Records excerpted from a collection:

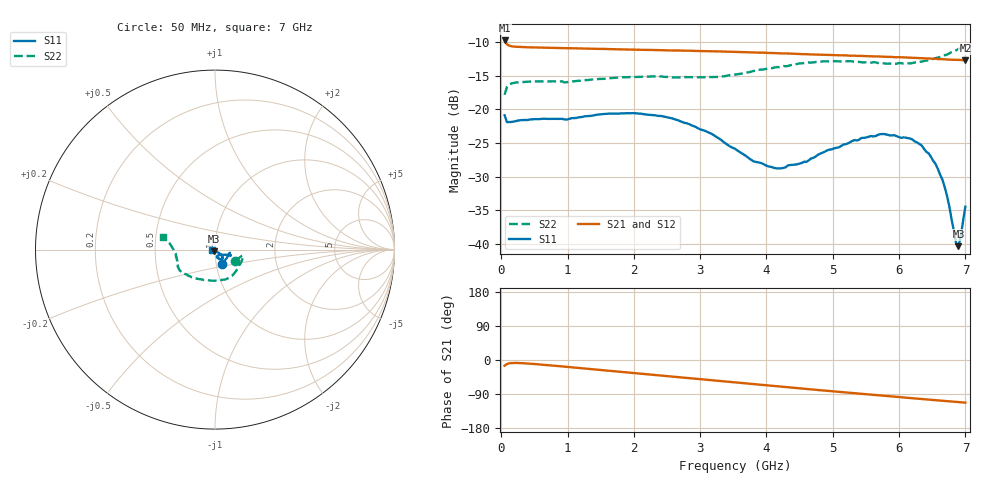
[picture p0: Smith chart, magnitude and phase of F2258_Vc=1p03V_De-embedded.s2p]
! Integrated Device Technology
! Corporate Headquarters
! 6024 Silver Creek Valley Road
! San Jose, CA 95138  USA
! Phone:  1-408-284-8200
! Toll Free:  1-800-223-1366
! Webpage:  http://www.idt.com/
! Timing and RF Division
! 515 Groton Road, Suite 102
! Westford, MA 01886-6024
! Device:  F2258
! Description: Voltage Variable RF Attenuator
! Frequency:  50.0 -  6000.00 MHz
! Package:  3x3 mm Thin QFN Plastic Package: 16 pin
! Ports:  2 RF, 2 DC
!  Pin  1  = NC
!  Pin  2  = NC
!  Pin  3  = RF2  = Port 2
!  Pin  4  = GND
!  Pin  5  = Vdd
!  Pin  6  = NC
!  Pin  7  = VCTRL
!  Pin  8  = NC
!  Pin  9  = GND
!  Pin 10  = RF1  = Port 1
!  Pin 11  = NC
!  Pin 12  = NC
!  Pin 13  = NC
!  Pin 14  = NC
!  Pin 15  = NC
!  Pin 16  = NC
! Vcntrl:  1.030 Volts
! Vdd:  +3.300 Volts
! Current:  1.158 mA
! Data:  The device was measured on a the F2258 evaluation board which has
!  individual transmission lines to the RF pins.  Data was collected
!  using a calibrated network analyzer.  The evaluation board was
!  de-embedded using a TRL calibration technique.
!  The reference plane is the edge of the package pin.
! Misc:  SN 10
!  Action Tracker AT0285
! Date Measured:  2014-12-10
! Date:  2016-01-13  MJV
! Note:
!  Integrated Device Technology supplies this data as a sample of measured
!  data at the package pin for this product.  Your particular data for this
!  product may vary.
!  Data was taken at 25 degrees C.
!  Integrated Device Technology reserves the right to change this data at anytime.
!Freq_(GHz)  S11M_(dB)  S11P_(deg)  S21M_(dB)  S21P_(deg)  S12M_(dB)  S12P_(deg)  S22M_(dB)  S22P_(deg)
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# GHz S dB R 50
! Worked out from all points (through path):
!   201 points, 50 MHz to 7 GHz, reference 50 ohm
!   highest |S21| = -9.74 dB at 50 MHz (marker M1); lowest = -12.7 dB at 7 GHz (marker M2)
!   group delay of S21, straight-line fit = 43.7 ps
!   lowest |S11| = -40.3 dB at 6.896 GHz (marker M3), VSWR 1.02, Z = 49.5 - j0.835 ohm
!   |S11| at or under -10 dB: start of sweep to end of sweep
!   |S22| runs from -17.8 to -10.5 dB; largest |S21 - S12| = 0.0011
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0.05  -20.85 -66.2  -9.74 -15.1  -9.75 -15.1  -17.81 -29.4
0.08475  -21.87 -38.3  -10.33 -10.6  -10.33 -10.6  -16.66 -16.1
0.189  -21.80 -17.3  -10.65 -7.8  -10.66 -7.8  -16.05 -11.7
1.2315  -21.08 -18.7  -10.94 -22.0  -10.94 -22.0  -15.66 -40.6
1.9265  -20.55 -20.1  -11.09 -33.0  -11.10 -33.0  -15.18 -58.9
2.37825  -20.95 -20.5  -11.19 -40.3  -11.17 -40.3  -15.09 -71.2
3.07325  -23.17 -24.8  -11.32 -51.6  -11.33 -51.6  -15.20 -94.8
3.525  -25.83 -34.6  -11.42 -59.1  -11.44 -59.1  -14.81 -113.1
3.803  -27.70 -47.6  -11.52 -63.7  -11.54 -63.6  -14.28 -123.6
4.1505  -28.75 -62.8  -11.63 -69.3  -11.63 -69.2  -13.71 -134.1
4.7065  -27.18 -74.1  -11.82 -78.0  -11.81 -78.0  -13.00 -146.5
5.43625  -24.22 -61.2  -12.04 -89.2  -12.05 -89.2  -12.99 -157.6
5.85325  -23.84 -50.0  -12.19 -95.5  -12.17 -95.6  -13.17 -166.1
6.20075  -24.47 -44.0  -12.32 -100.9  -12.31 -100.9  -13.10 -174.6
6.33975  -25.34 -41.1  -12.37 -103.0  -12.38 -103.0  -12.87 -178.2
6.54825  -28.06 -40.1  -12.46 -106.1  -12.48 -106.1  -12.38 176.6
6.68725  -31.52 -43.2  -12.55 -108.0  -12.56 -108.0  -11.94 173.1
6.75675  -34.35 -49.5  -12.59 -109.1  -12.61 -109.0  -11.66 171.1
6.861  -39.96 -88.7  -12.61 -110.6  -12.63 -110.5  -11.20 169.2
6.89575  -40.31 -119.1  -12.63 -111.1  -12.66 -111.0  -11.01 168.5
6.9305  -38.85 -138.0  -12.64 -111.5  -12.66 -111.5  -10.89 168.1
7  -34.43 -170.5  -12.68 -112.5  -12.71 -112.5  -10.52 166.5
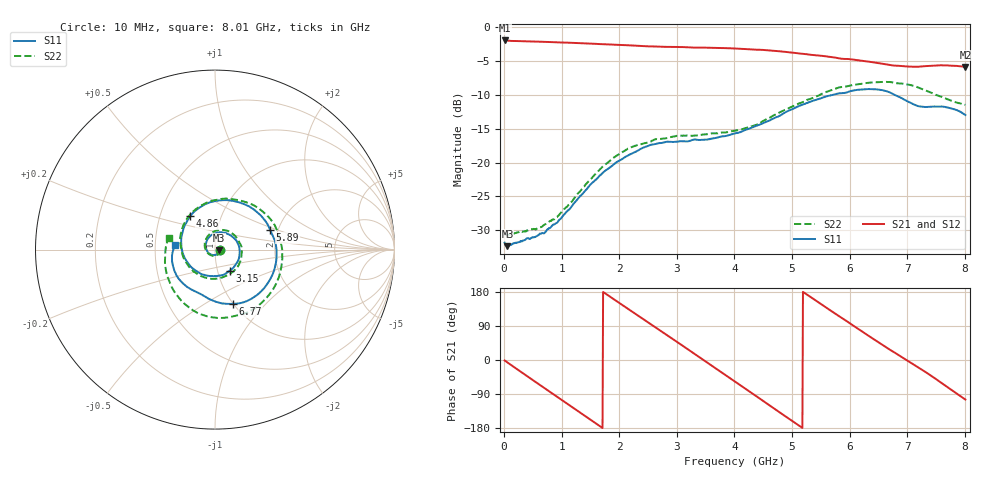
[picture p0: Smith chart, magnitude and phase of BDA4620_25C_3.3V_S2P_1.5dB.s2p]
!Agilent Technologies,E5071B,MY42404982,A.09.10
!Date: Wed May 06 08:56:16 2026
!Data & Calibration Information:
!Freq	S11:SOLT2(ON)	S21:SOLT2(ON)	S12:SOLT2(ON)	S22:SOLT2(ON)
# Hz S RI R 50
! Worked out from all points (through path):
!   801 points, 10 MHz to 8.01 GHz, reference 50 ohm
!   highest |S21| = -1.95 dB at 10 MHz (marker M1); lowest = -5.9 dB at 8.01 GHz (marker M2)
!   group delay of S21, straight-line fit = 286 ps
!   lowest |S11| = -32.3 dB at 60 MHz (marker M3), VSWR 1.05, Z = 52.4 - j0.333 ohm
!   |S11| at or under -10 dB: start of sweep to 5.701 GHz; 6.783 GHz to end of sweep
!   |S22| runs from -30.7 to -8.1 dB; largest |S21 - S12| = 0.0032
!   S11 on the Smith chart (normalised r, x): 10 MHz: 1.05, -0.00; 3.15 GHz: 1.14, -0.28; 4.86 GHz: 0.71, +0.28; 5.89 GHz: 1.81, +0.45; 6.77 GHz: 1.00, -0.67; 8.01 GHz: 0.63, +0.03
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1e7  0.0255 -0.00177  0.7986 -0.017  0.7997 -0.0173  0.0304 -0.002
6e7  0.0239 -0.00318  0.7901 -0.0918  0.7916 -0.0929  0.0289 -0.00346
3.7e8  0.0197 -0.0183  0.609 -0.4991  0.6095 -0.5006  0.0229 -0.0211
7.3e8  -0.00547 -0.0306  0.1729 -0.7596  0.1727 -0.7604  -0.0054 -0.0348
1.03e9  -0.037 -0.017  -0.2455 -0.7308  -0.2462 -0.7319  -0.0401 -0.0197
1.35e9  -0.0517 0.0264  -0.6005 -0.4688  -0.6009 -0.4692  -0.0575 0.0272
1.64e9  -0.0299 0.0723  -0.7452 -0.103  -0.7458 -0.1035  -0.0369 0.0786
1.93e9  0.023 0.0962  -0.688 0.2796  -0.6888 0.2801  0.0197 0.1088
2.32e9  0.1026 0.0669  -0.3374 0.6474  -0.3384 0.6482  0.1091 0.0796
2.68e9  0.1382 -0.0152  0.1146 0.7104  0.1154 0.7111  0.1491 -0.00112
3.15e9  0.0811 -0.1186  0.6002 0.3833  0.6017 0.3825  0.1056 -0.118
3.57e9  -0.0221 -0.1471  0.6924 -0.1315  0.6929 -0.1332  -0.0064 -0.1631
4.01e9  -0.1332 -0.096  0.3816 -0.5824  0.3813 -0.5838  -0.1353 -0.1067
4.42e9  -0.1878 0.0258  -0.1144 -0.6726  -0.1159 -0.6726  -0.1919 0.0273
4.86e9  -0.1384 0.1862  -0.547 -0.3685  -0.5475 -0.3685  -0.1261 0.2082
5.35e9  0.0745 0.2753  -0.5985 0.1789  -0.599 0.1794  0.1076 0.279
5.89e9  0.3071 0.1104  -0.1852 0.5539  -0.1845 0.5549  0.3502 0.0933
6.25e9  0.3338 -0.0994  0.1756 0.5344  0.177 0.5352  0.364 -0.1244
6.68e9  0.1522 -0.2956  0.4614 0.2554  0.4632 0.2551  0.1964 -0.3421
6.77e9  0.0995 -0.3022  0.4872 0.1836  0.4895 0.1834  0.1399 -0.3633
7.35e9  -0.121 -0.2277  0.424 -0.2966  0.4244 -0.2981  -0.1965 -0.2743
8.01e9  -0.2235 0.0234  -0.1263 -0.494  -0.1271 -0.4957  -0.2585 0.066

Aim of the exercise —
Copy out the lines above that hold the string "board".

Task solution —
! Data:  The device was measured on a the F2258 evaluation board which has
!  using a calibrated network analyzer.  The evaluation board was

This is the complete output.